02-28-2018 05:09 PM - edited 02-28-2018 06:55 PM
I have data in which the outcome is a count of events. The events have multiple, let's say three, subtypes, where you might see something like:
Y_total = 4
The counts are mostly small, and there are many zeros.
I have run separate count models for type1, type2, and type3 using negative binomial regression with proc genmod; there are three covariates, x1, x2, and x3, the same in each model. The estimated coefficients for x1 are nominally different across the results for the three models. Using Pearson correlations, I see that the residuals for two pairs of these results are weakly but significantly correlated (not sure if this is the right way of looking at them).

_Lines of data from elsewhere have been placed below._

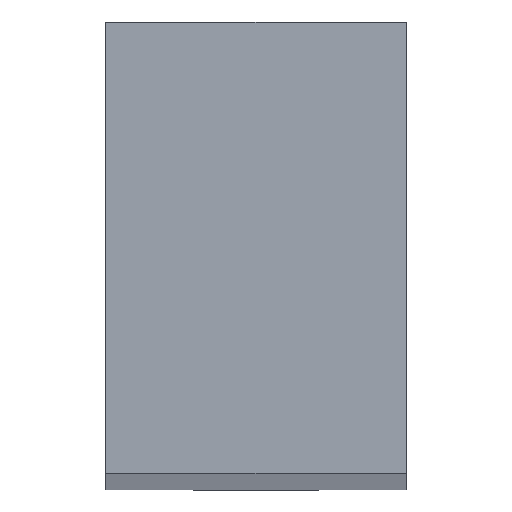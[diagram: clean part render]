
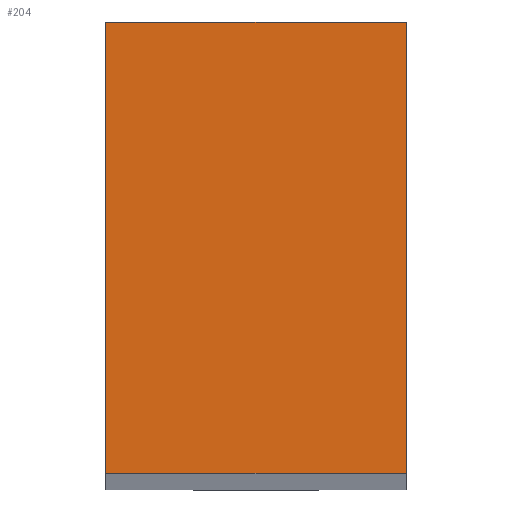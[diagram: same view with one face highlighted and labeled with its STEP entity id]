
A CAD part, top view. The second image highlights one B-rep face of the part: STEP entity #204.
In plain terms, the highlighted planar face has unit normal (0, 0, 1).
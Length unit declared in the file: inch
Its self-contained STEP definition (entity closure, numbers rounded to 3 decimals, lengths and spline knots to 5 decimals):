
#46 = CARTESIAN_POINT ( 'NONE',  ( 1.9685, 1.17175, 9.41732 ) ) ;
#139 = CARTESIAN_POINT ( 'NONE',  ( 2.21161, 1.17175, 9.41732 ) ) ;
#204 = ADVANCED_FACE ( 'NONE', ( #4723 ), #2186, .F. ) ;
#342 = DIRECTION ( 'NONE',  ( -1., 0., 0. ) ) ;
#697 = DIRECTION ( 'NONE',  ( 1., 0., 0. ) ) ;
#716 = ORIENTED_EDGE ( 'NONE', *, *, #2901, .F. ) ;
#833 = ORIENTED_EDGE ( 'NONE', *, *, #8094, .F. ) ;
#853 = CARTESIAN_POINT ( 'NONE',  ( 1.96161, 1.17175, 9.41732 ) ) ;
#1839 = CARTESIAN_POINT ( 'NONE',  ( 2.21161, 1.10925, 9.41732 ) ) ;
#2150 = EDGE_CURVE ( 'NONE', #2900, #6529, #3113, .T. ) ;
#2186 = PLANE ( 'NONE',  #5861 ) ;
#2201 = EDGE_CURVE ( 'NONE', #6529, #5726, #2494, .T. ) ;
#2494 = LINE ( 'NONE', #46, #4372 ) ;
#2708 = CARTESIAN_POINT ( 'NONE',  ( 1.9685, 0.07874, 9.41732 ) ) ;
#2900 = VERTEX_POINT ( 'NONE', #5898 ) ;
#2901 = EDGE_CURVE ( 'NONE', #6644, #2900, #3948, .T. ) ;
#3066 = VECTOR ( 'NONE', #3994, 39.37008 ) ;
#3113 = LINE ( 'NONE', #5719, #5038 ) ;
#3444 = DIRECTION ( 'NONE',  ( 0., 0., -1. ) ) ;
#3948 = LINE ( 'NONE', #5862, #3066 ) ;
#3994 = DIRECTION ( 'NONE',  ( -1., 0., 0. ) ) ;
#4369 = LINE ( 'NONE', #1839, #7256 ) ;
#4372 = VECTOR ( 'NONE', #697, 39.37008 ) ;
#4723 = FACE_OUTER_BOUND ( 'NONE', #6105, .T. ) ;
#4769 = CARTESIAN_POINT ( 'NONE',  ( 2.21161, 0.79675, 9.41732 ) ) ;
#5038 = VECTOR ( 'NONE', #7578, 39.37008 ) ;
#5719 = CARTESIAN_POINT ( 'NONE',  ( 1.96161, 0.85925, 9.41732 ) ) ;
#5726 = VERTEX_POINT ( 'NONE', #139 ) ;
#5861 = AXIS2_PLACEMENT_3D ( 'NONE', #2708, #3444, #342 ) ;
#5862 = CARTESIAN_POINT ( 'NONE',  ( 1.9685, 0.79675, 9.41732 ) ) ;
#5898 = CARTESIAN_POINT ( 'NONE',  ( 1.96161, 0.79675, 9.41732 ) ) ;
#6105 = EDGE_LOOP ( 'NONE', ( #6228, #716, #833, #6116 ) ) ;
#6116 = ORIENTED_EDGE ( 'NONE', *, *, #2201, .F. ) ;
#6228 = ORIENTED_EDGE ( 'NONE', *, *, #2150, .F. ) ;
#6529 = VERTEX_POINT ( 'NONE', #853 ) ;
#6644 = VERTEX_POINT ( 'NONE', #4769 ) ;
#6856 = DIRECTION ( 'NONE',  ( 0., -1., 0. ) ) ;
#7256 = VECTOR ( 'NONE', #6856, 39.37008 ) ;
#7578 = DIRECTION ( 'NONE',  ( 0., 1., 0. ) ) ;
#8094 = EDGE_CURVE ( 'NONE', #5726, #6644, #4369, .T. ) ;
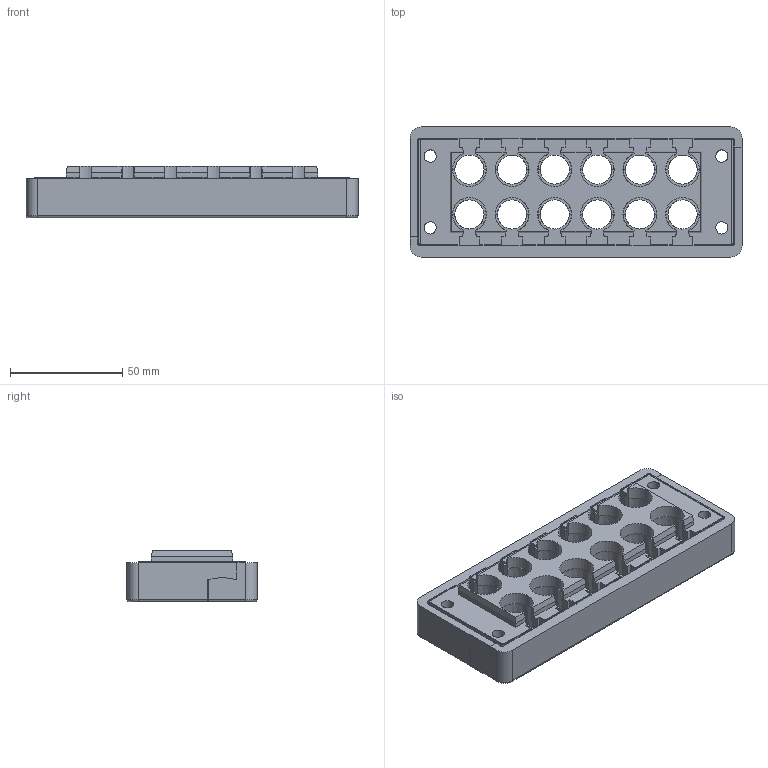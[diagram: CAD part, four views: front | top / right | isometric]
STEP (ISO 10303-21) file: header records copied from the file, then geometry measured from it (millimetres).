
FILE_DESCRIPTION(/* description */ (''),/* implementation_level */ '2;1');
FILE_NAME(/* name */ 'H:\SapWorkDir\Inventor\MP1\ConvertTempPath\87_11_121446_00_A_220617_KDL-D 24-12 ZSB.stp',/* time_stamp */ '2022-06-17T18:15:13+02:00',/* author */ ('BAUER'),/* organization */ (''),/* preprocessor_version */ 'ST-DEVELOPER v16.13',/* originating_system */ 'Autodesk Inventor 2018',/* authorisation */ '');
FILE_SCHEMA (('AUTOMOTIVE_DESIGN { 1 0 10303 214 3 1 1 }'));
Length unit declared in the file: millimetre
Products named in the file (4): 121446; 121390; Leiste; Block2x6 neu
Assembly tree (4 placements, depth 2):
  121446
    121390  x2
    Leiste
    Block2x6 neu
Bounding box: 148 x 58 x 23 mm (x, y, z)
Volume: 109232.4 mm3; surface area: 60566.5 mm2
Topology: 4 solids, 4 shells, 1599 faces, 4428 edges, 2948 vertices
Faces by surface type: plane 1047, cylinder 251, bspline 223, cone 62, torus 16
Full cylindrical faces by diameter (mm): 5 x6, 5.5 x10, 6 x2, 7 x4, 8 x4, 9 x4
Entity records: 41179 total; most frequent: CARTESIAN_POINT 10362, ORIENTED_EDGE 6700, DIRECTION 5828, EDGE_CURVE 3350, VERTEX_POINT 2239, LINE 2234, VECTOR 2234, AXIS2_PLACEMENT_3D 1797
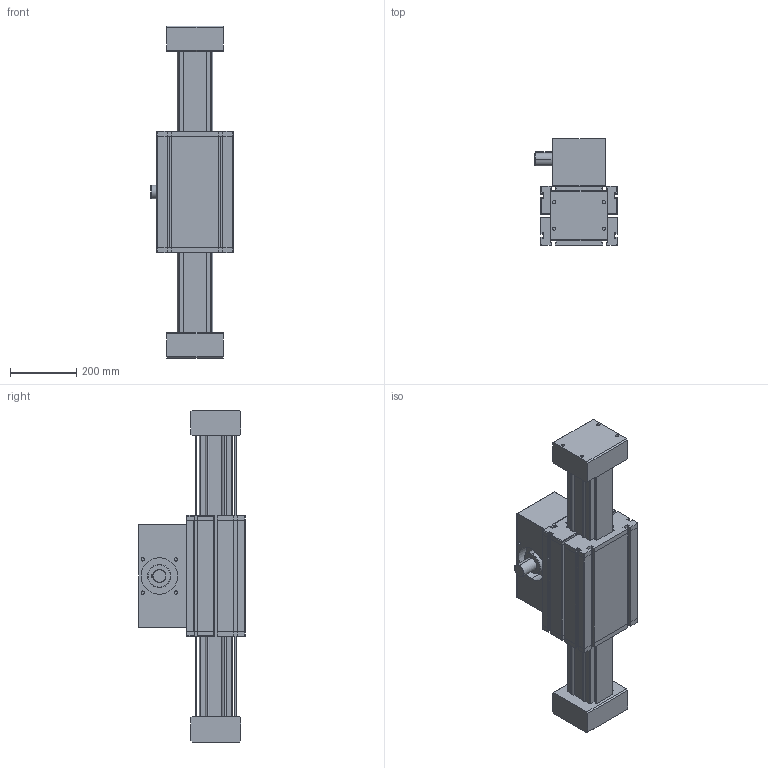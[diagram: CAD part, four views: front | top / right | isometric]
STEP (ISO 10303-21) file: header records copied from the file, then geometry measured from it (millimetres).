
FILE_DESCRIPTION (( 'STEP AP214' ), '1' );
FILE_NAME ('ELFZ100.STEP', '2023-09-11T08:31:28', ( '' ), ( '' ), 'SwSTEP 2.0', 'SolidWorks 2020', '' );
FILE_SCHEMA (( 'AUTOMOTIVE_DESIGN' ));
Length unit declared in the file: millimetre
Products named in the file (5): profile^ELFZ100; timing belt reverse unit carriage^ELFZ100_shaft pos. 1; timing belt reverse unit^ELFZ100_100; carriage^ELFZ100_carriage version 0; ELFZ100
Assembly tree (5 placements, depth 2):
  ELFZ100
    profile^ELFZ100
    carriage^ELFZ100_carriage version 0
    timing belt reverse unit carriage^ELFZ100_shaft pos. 1
    timing belt reverse unit^ELFZ100_100  x2
Bounding box: 248 x 321 x 1000 mm (x, y, z)
Volume: 28322648.5 mm3; surface area: 2213561.4 mm2
Topology: 17 solids, 17 shells, 629 faces, 1688 edges, 1102 vertices
Faces by surface type: plane 448, cylinder 163, sphere 12, cone 6
Entity records: 19442 total; most frequent: CARTESIAN_POINT 3411, ORIENTED_EDGE 3256, DIRECTION 3158, EDGE_CURVE 1628, VECTOR 1316, LINE 1316, VERTEX_POINT 1070, AXIS2_PLACEMENT_3D 921
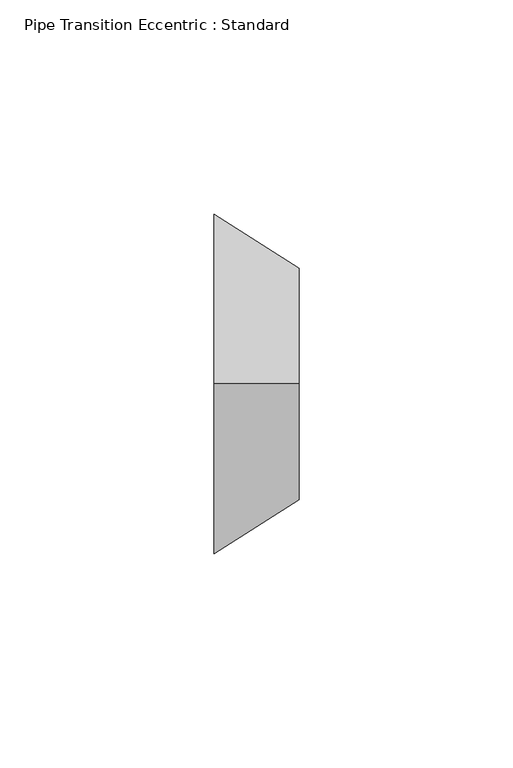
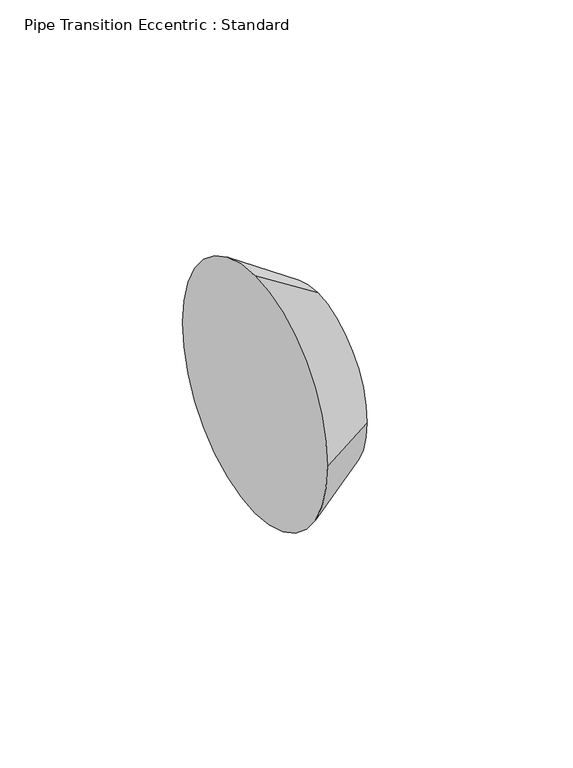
"""IFC4 building model written with IfcOpenShell, lengths in millimetres: pipe fitting geometry, Pipe Transition Eccentric : Standard."""

from ifc_helpers import new_model, si_unit, frame, origin, place, context, project, spatial, polyline, circle_curve, source, transform, mapped, element, save
from ifc_brep_helpers import plane_surface, revolved_surface, advanced_brep


def pipe_transition_eccentric_standard_2aaf0b1f(model_context):
    return source(origin(), model_context, "Body", "AdvancedBrep", [
        advanced_brep(
        [(19.84375, 0.0, 26.9875), (19.84375, -26.9875, 0.0), (19.84375, 0.0, -26.9875), (19.84375, 26.9875, 0.0), (0.0, 0.0, 39.6875), (0.0, 39.6875, 0.0), (0.0, 0.0, -39.6875), (0.0, -39.6875, 0.0)],
        [
            (0, 1, circle_curve(frame((19.84375, 0.0, 0.0), z_axis=(1.0, 0.0, 0.0), x_axis=(0.0, 0.0, 1.0)), 26.9875)),
            (1, 2, circle_curve(frame((19.84375, 0.0, 0.0), z_axis=(1.0, 0.0, 0.0), x_axis=(0.0, -1.0, 0.0)), 26.9875)),
            (2, 3, circle_curve(frame((19.84375, 0.0, 0.0), z_axis=(1.0, 0.0, 0.0), x_axis=(0.0, 0.0, -1.0)), 26.9875)),
            (3, 0, circle_curve(frame((19.84375, 0.0, 0.0), z_axis=(1.0, 0.0, 0.0), x_axis=(0.0, 1.0, 0.0)), 26.9875)),
            (4, 5, circle_curve(frame((0.0, 0.0, 0.0), z_axis=(-1.0, 0.0, 0.0), x_axis=(0.0, 1.0, 0.0)), 39.6875)),
            (5, 6, circle_curve(frame((0.0, 0.0, 0.0), z_axis=(-1.0, 0.0, 0.0), x_axis=(0.0, 0.0, -1.0)), 39.6875)),
            (6, 7, circle_curve(frame((0.0, 0.0, 0.0), z_axis=(-1.0, 0.0, 0.0), x_axis=(0.0, -1.0, 0.0)), 39.6875)),
            (7, 4, circle_curve(frame((0.0, 0.0, 0.0), z_axis=(-1.0, 0.0, 0.0), x_axis=(0.0, 0.0, 1.0)), 39.6875)),
            (7, 1),
            (0, 4),
            (6, 2),
            (5, 3),
        ],
        [
            plane_surface(frame((19.84375, 0.0, 0.0), z_axis=(1.0, 0.0, 0.0), x_axis=(0.0, -1.0, 0.0))),
            plane_surface(frame((0.0, 0.0, 0.0), z_axis=(-1.0, 0.0, 0.0), x_axis=(0.0, -1.0, 0.0))),
            revolved_surface(polyline([(19.84375, 0.0, 26.98750001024), (0.0, 0.0, 39.6875)]), (62.0117188, 0.0, 0.0), (-1.0, 0.0, 0.0)),
            revolved_surface(polyline([(19.84375, -26.98750001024, 0.0), (0.0, -39.6875, 0.0)]), (62.0117188, 0.0, 0.0), (-1.0, 0.0, 0.0)),
            revolved_surface(polyline([(19.84375, 0.0, -26.98750001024), (0.0, 0.0, -39.6875)]), (62.0117188, 0.0, 0.0), (-1.0, 0.0, 0.0)),
            revolved_surface(polyline([(19.84375, 26.98750001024, 0.0), (0.0, 39.6875, 0.0)]), (62.0117188, 0.0, 0.0), (-1.0, 0.0, 0.0)),
        ],
        [
            (0, [[1, 2, 3, 4]]),
            (1, [[5, 6, 7, 8]]),
            (2, [[-8, 9, -1, 10]]),
            (3, [[-7, 11, -2, -9]]),
            (4, [[-6, 12, -3, -11]]),
            (5, [[-5, -10, -4, -12]]),
        ],
    ),
        advanced_brep(
        [(19.84375, 0.0, 26.9875), (19.84375, -26.9875, 0.0), (19.84375, 0.0, -26.9875), (19.84375, 26.9875, 0.0), (0.0, 0.0, 39.6875), (0.0, 39.6875, 0.0), (0.0, 0.0, -39.6875), (0.0, -39.6875, 0.0)],
        [
            (0, 1, circle_curve(frame((19.84375, 0.0, 0.0), z_axis=(1.0, 0.0, 0.0), x_axis=(0.0, 0.0, 1.0)), 26.9875)),
            (1, 2, circle_curve(frame((19.84375, 0.0, 0.0), z_axis=(1.0, 0.0, 0.0), x_axis=(0.0, -1.0, 0.0)), 26.9875)),
            (2, 3, circle_curve(frame((19.84375, 0.0, 0.0), z_axis=(1.0, 0.0, 0.0), x_axis=(0.0, 0.0, -1.0)), 26.9875)),
            (3, 0, circle_curve(frame((19.84375, 0.0, 0.0), z_axis=(1.0, 0.0, 0.0), x_axis=(0.0, 1.0, 0.0)), 26.9875)),
            (4, 5, circle_curve(frame((0.0, 0.0, 0.0), z_axis=(-1.0, 0.0, 0.0), x_axis=(0.0, 1.0, 0.0)), 39.6875)),
            (5, 6, circle_curve(frame((0.0, 0.0, 0.0), z_axis=(-1.0, 0.0, 0.0), x_axis=(0.0, 0.0, -1.0)), 39.6875)),
            (6, 7, circle_curve(frame((0.0, 0.0, 0.0), z_axis=(-1.0, 0.0, 0.0), x_axis=(0.0, -1.0, 0.0)), 39.6875)),
            (7, 4, circle_curve(frame((0.0, 0.0, 0.0), z_axis=(-1.0, 0.0, 0.0), x_axis=(0.0, 0.0, 1.0)), 39.6875)),
            (7, 1),
            (0, 4),
            (6, 2),
            (5, 3),
        ],
        [
            plane_surface(frame((19.84375, 0.0, 0.0), z_axis=(1.0, 0.0, 0.0), x_axis=(0.0, -1.0, 0.0))),
            plane_surface(frame((0.0, 0.0, 0.0), z_axis=(-1.0, 0.0, 0.0), x_axis=(0.0, -1.0, 0.0))),
            revolved_surface(polyline([(19.84375, 0.0, 26.98750001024), (0.0, 0.0, 39.6875)]), (62.0117188, 0.0, 0.0), (-1.0, 0.0, 0.0)),
            revolved_surface(polyline([(19.84375, -26.98750001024, 0.0), (0.0, -39.6875, 0.0)]), (62.0117188, 0.0, 0.0), (-1.0, 0.0, 0.0)),
            revolved_surface(polyline([(19.84375, 0.0, -26.98749998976), (0.0, 0.0, -39.6875)]), (62.0117187, 0.0, 0.0), (-1.0, 0.0, 0.0)),
            revolved_surface(polyline([(19.84375, 26.98749998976, 0.0), (0.0, 39.6875, 0.0)]), (62.0117187, 0.0, 0.0), (-1.0, 0.0, 0.0)),
        ],
        [
            (0, [[1, 2, 3, 4]]),
            (1, [[5, 6, 7, 8]]),
            (2, [[-8, 9, -1, 10]]),
            (3, [[-7, 11, -2, -9]]),
            (4, [[-6, 12, -3, -11]]),
            (5, [[-5, -10, -4, -12]]),
        ],
    ),
    ])


if __name__ == "__main__":
    model = new_model("IFC4")
    model_context = context("Model", 3, world=origin())
    ifc_project = project(units=[si_unit("LENGTHUNIT", "METRE", prefix="MILLI")], contexts=[model_context])
    site = spatial("IfcSite", under=ifc_project)
    building = spatial("IfcBuilding", under=site)
    placement = place(None, origin())
    pipe_transition_eccentric_standard_shape = pipe_transition_eccentric_standard_2aaf0b1f(model_context)
    element("IfcPipeFitting", 1, ObjectType="Pipe Transition Eccentric : Standard", at=placement, inside=building, context=model_context, shape_type="MappedRepresentation", body=[
        mapped(pipe_transition_eccentric_standard_shape, transform((0.0, 0.0, 0.0), x_axis=(1.0, 0.0, 0.0), y_axis=(0.0, 1.0, 0.0), z_axis=(0.0, 0.0, 1.0))),
    ])
    save(model, "model.ifc")

I am interested in whether the coefficients for x1 are statistically significantly different from one another across the pairs of results. Andrew Wheeler here https://andrewpwheeler.wordpress.com/2016/10/19/testing-the-equality-of-two-regression-coefficients/ explains that you can compute the variance of the difference of coefficients and thus construct a significance test. To do this, you need the covariance of the coefficients (which I would rather not assume to be zero).
For linear regressions, this covariance can be got from the results of a seemingly unrelated regression (e.g. with PROC SYSLIN). However, I can't find a way to do this with a count model. (I'm also a bit anxious about the zeros I am introducing by running separate regressions on the counts of the subtypes of the events--not sure if this may be/cause a problem).
Can seemingly unrelated negative binomial regression be done in SAS? Other thoughts and suggestions about this situation?
EDIT: Just for fun, I ran these as linear regressions using PROC SYSLIN by transforming the outcomes
ln(y1+1) = x1 x2 x3
ln(y2+1)= x1 x2 x3
ln(y3+1)= x1 x2 x3
using the COVOUT option for the OUTEST dataset. These equations fit the data hideously, but otherwise are similar to the "independent" count models. However the COVOUT option appears to give the variance-covariance matrix for the parameters *within* each equation, not across them, so maybe I misunderstood what Andrew Wheeler was saying. Heavy sigh.
03-01-2018 09:42 AM
This is an interesting question. It is outside my areas of expertise, but let me share a few thoughts and maybe those with more experience in this area can correct or add to my comments.
I think you should consider whether it is more appropriate to do ONE analysis with a multinomial response, rather than THREE analyses with a count model for each analysis.
I think you should read the papers by Robin High @rhigh on modeling count data by using NLMIXED, NLIN, COUNTREG, FMM, and more. I don't know the best approach for your data, but I would start by looking at the following:
In addition to Robin High's papers, you might be interested in the work of Jorge Morel. He gave a wonderful SAS Global Forum 2014 talk on overdispersion in count models and has written a book Overdispersion Models in SAS. Chapter 7 deals with multinomial responses.